We can make a contour plot of this joint distribution. We'll do it for a comparison between the AVA and ASH strains.

In [8]:
# Generate gamma and delta for the plot
gamma = np.linspace(0, 2, 200)
delta = np.linspace(-1, 1, 200)

# Make coordinates for contour plots
dd, gg = np.meshgrid(delta, gamma)

# Compute probability
n_r_ash, n_ash = revs_trials(df, 'ASH')
n_r_ava, n_ava = revs_trials(df, 'AVA')
post = posterior_delta_gamma(delta, gamma, n_r_ash, n_ash, n_r_ava, n_ava)

# Plot the contour
plt.contourf(dd, gg, post, cmap=plt.cm.Blues, alpha=0.7)
plt.xlabel(r'$\delta = p_\mathrm{AVA} - p_\mathrm{ASH}$', fontsize=24)
plt.ylabel(r'$\gamma = p_\mathrm{AVA} + p_\mathrm{ASH}$', fontsize=24)
plt.xlim((0.4, 0.9))
plt.ylim((0.9, 1.4))
plt.axes().set_aspect('equal', adjustable='box')
/Users/Justin/anaconda/lib/python3.4/site-packages/matplotlib/collections.py:590: FutureWarning: elementwise comparison failed; returning scalar instead, but in the future will perform elementwise comparison
  if self._edgecolors == str('face'):

Now, we can integrate over $\gamma$. We will use the trapezoidal rule, implemented by np.trapz().
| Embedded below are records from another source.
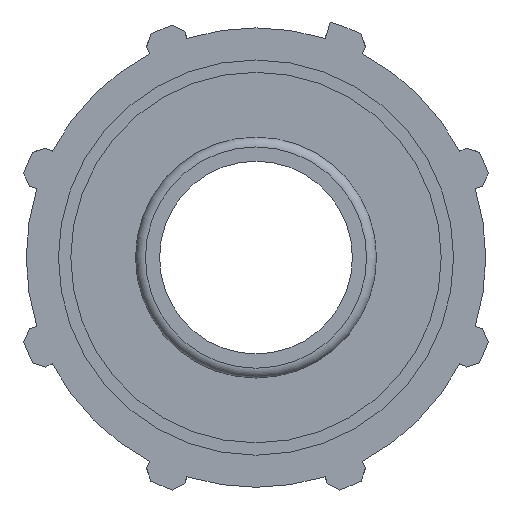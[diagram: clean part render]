
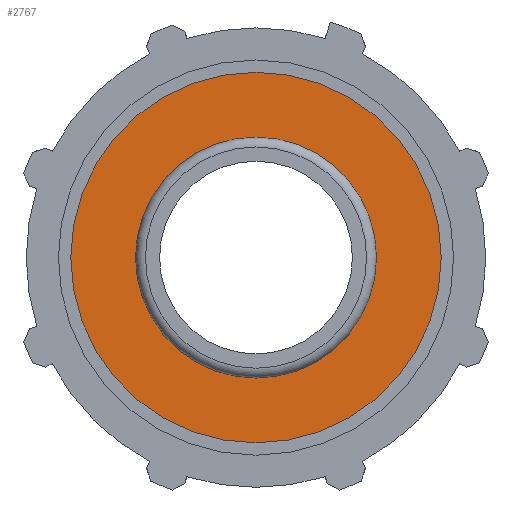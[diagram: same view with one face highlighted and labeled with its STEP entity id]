
A CAD part, left-side view. The second image highlights one B-rep face of the part: STEP entity #2767.
In plain terms, the highlighted planar face has unit normal (-1, 0, 0).
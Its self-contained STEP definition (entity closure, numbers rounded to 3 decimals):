
#585=PLANE('',#3074);
#611=FACE_BOUND('',#944,.T.);
#765=FACE_OUTER_BOUND('',#943,.T.);
#943=EDGE_LOOP('',(#2587));
#944=EDGE_LOOP('',(#2588));
#958=CIRCLE('',#2786,20.);
#1102=CIRCLE('',#3075,30.75);
#1112=VERTEX_POINT('',#3910);
#1380=VERTEX_POINT('',#4863);
#1390=EDGE_CURVE('',#1112,#1112,#958,.T.);
#1784=EDGE_CURVE('',#1380,#1380,#1102,.T.);
#2587=ORIENTED_EDGE('',*,*,#1784,.F.);
#2588=ORIENTED_EDGE('',*,*,#1390,.T.);
#2767=ADVANCED_FACE('',(#765,#611),#585,.T.);
#2786=AXIS2_PLACEMENT_3D('',#3911,#3109,#3110);
#3074=AXIS2_PLACEMENT_3D('',#4862,#3875,#3876);
#3075=AXIS2_PLACEMENT_3D('',#4864,#3877,#3878);
#3109=DIRECTION('center_axis',(1.,0.,0.));
#3110=DIRECTION('ref_axis',(0.,0.,-1.));
#3875=DIRECTION('center_axis',(-1.,0.,0.));
#3876=DIRECTION('ref_axis',(0.,0.,1.));
#3877=DIRECTION('center_axis',(1.,0.,0.));
#3878=DIRECTION('ref_axis',(0.,0.,-1.));
#3910=CARTESIAN_POINT('',(-20.4,20.,0.));
#3911=CARTESIAN_POINT('Origin',(-20.4,0.,0.));
#4862=CARTESIAN_POINT('Origin',(-20.4,30.75,0.));
#4863=CARTESIAN_POINT('',(-20.4,30.75,0.));
#4864=CARTESIAN_POINT('Origin',(-20.4,0.,0.));
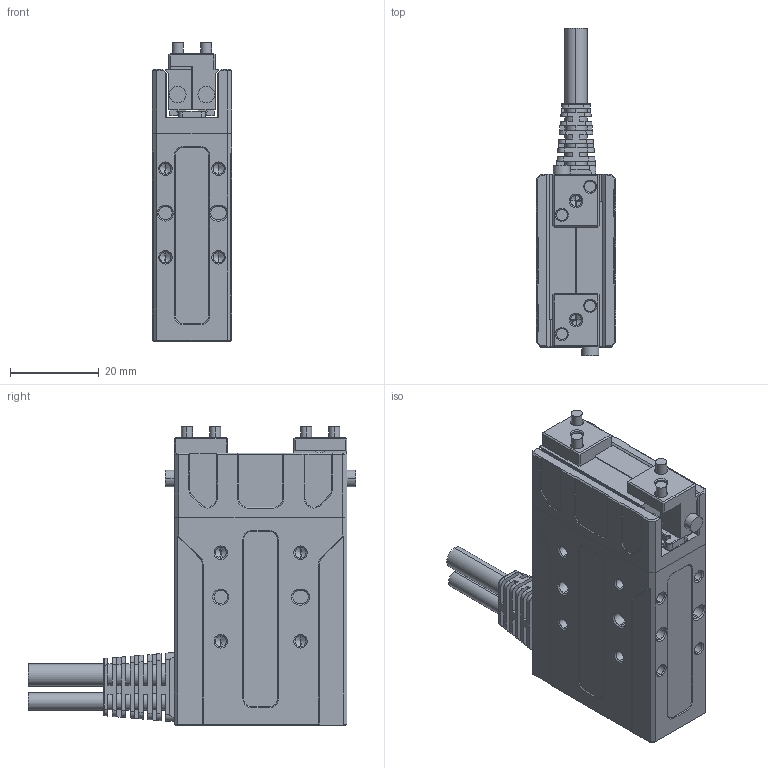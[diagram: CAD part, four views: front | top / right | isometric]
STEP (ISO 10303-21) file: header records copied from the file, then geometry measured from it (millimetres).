
FILE_DESCRIPTION (( 'STEP AP214' ), '1' );
FILE_NAME ('PGE-2-12-O-S.STEP', '2023-07-19T04:09:18', ( '' ), ( '' ), 'SwSTEP 2.0', 'SolidWorks 2020', '' );
FILE_SCHEMA (( 'AUTOMOTIVE_DESIGN' ));
Length unit declared in the file: millimetre
Products named in the file (3): 耜堤褲; PGE-2-12-O-S; 忒硌價釱
Assembly tree (3 placements, depth 2):
  PGE-2-12-O-S
    耜堤褲
    忒硌價釱  x2
Bounding box: 18 x 74 x 67.5 mm (x, y, z)
Volume: 42114.6 mm3; surface area: 19444 mm2
Topology: 12 solids, 12 shells, 1337 faces, 3299 edges, 1992 vertices
Faces by surface type: plane 596, cylinder 379, cone 346, bspline 16
Entity records: 50323 total; most frequent: CARTESIAN_POINT 6795, DIRECTION 6376, ORIENTED_EDGE 6092, EDGE_CURVE 3046, AXIS2_PLACEMENT_3D 2214, LINE 1948, VECTOR 1948, VERTEX_POINT 1877
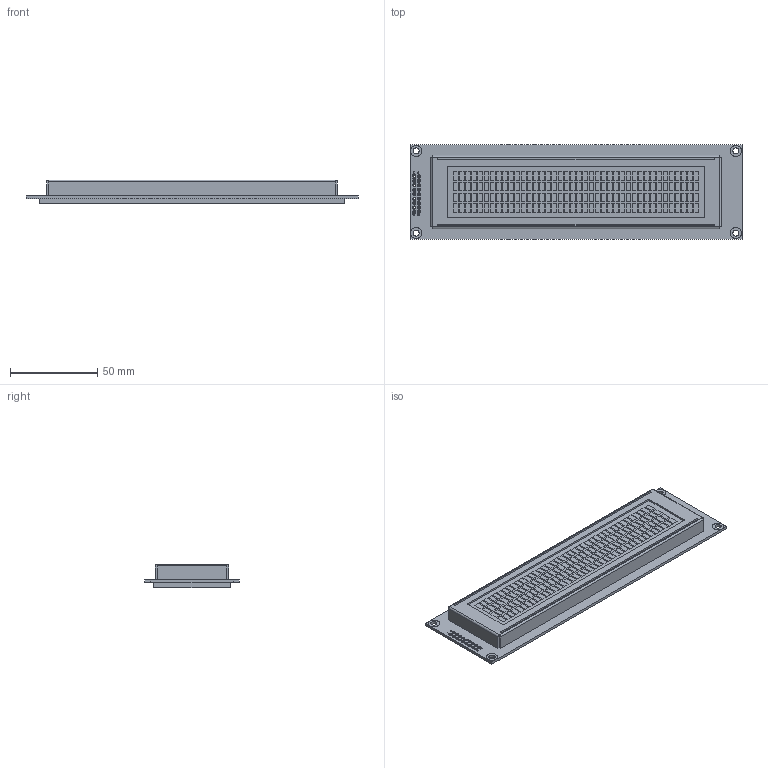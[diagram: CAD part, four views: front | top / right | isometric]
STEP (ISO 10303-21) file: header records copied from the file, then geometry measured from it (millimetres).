
FILE_DESCRIPTION (( 'STEP AP214' ), '1' );
FILE_NAME ('CFAH4004A1.STEP', '2025-03-05T22:23:58', ( '' ), ( '' ), 'SwSTEP 2.0', 'SolidWorks 2021', '' );
FILE_SCHEMA (( 'AUTOMOTIVE_DESIGN' ));
Length unit declared in the file: millimetre
Products named in the file (1): CFAH4004A1
Bounding box: 190 x 54 x 13.6 mm (x, y, z)
Volume: 97217.9 mm3; surface area: 28676.5 mm2
Topology: 23 solids, 23 shells, 1168 faces, 3230 edges, 2364 vertices
Faces by surface type: plane 678, bspline 348, cylinder 142
Entity records: 57628 total; most frequent: CARTESIAN_POINT 26711, ORIENTED_EDGE 6460, DIRECTION 4460, EDGE_CURVE 3230, VERTEX_POINT 2364, LINE 2250, VECTOR 2250, EDGE_LOOP 1512
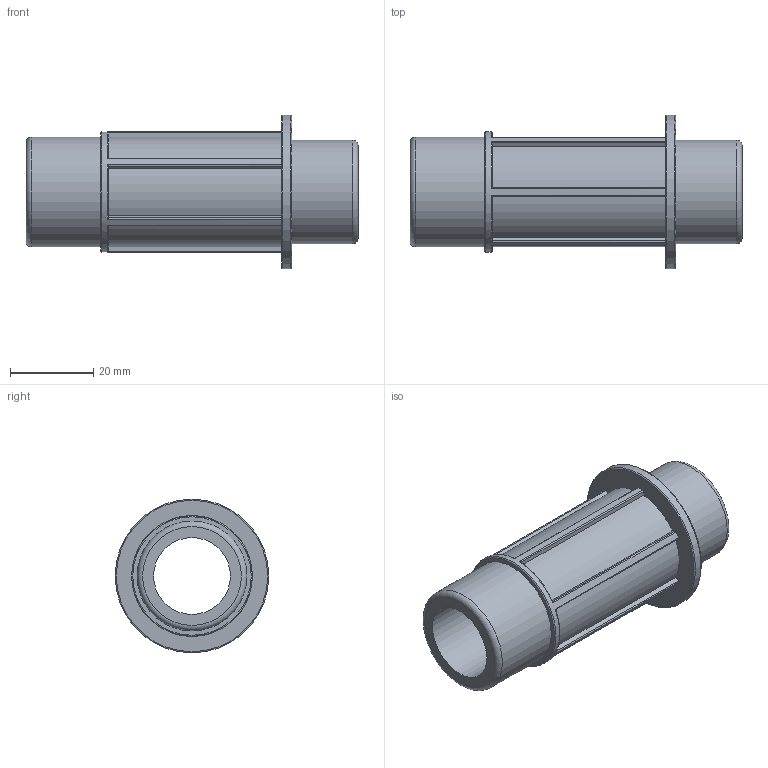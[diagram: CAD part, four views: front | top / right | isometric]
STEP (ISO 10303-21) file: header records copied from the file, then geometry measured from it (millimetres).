
FILE_DESCRIPTION(/* description */ ('PLASSON THREADED MALE ADAPTOR 25-3/4"'),/* implementation_level */ '2;1');
FILE_NAME(/* name */ 'C:\Dropbox\KIMPROJECTS-Inventor\99-16-3568-Processing\Silver+MF ISRAEL\078901\078901025007.ipt.stp',/* time_stamp */ '2018-04-09T13:01:52+03:00',/* author */ ('KIM'),/* organization */ (''),/* preprocessor_version */ 'ST-DEVELOPER v15.6',/* originating_system */ 'Autodesk Inventor 2015',/* authorisation */ '');
FILE_SCHEMA (('AUTOMOTIVE_DESIGN { 1 0 10303 214 3 1 1 }'));
Length unit declared in the file: millimetre
Products named in the file (1): 078901025007
Bounding box: 80 x 37 x 37 mm (x, y, z)
Volume: 23572 mm3; surface area: 13605.8 mm2
Topology: 1 solids, 1 shells, 57 faces, 151 edges, 99 vertices
Faces by surface type: cylinder 23, plane 23, torus 11
Full cylindrical faces by diameter (mm): 18.509 x1, 25 x1, 26.441 x1, 29.085 x1, 37 x1
Entity records: 1894 total; most frequent: CARTESIAN_POINT 488, DIRECTION 288, ORIENTED_EDGE 280, EDGE_CURVE 140, AXIS2_PLACEMENT_3D 114, VERTEX_POINT 98, EDGE_LOOP 72, LINE 60

The axis kwarg lets us specify which variable to integrate over.

In [9]:
# Integrate over gamma
post_delta = np.trapz(post, x=gamma, axis=0)

# Plot the distribution of delta 
plt.plot(delta, post_delta, '-')
plt.xlabel(r'$\delta = p_\mathrm{AVA} - p_\mathrm{ASH}$')
plt.ylabel(r'$P(\delta \mid D, I)$')
plt.margins(y=0.02)

We do the same for ASH and WT.

In [10]:
# Generate gamma and delta for the plot
gamma = np.linspace(0, 2, 200)
delta = np.linspace(-1, 1, 200)

# Make coordinates for contour plots
dd, gg = np.meshgrid(delta, gamma)

# Compute probability
n_r_ash, n_ash = revs_trials(df, 'WT')
n_r_ava, n_ava = revs_trials(df, 'ASH')
post = posterior_delta_gamma(delta, gamma, n_r_ash, n_ash, n_r_ava, n_ava)

# Integrate over gamma
post_delta = np.trapz(post, x=gamma, axis=0)

# Plot the distribution of delta 
plt.plot(delta, post_delta, '-')
plt.xlabel(r'$\delta = p_\mathrm{ASH} - p_\mathrm{WT}$')
plt.ylabel(r'$P(\delta \mid D, I)$')
plt.margins(y=0.02)

There is vanishing chance that the wild type is more probable to show a reversal than the ASH strain. So, it seems that in this experiment, doing about 36 trials for each strain was sufficient to tell the difference between each strain.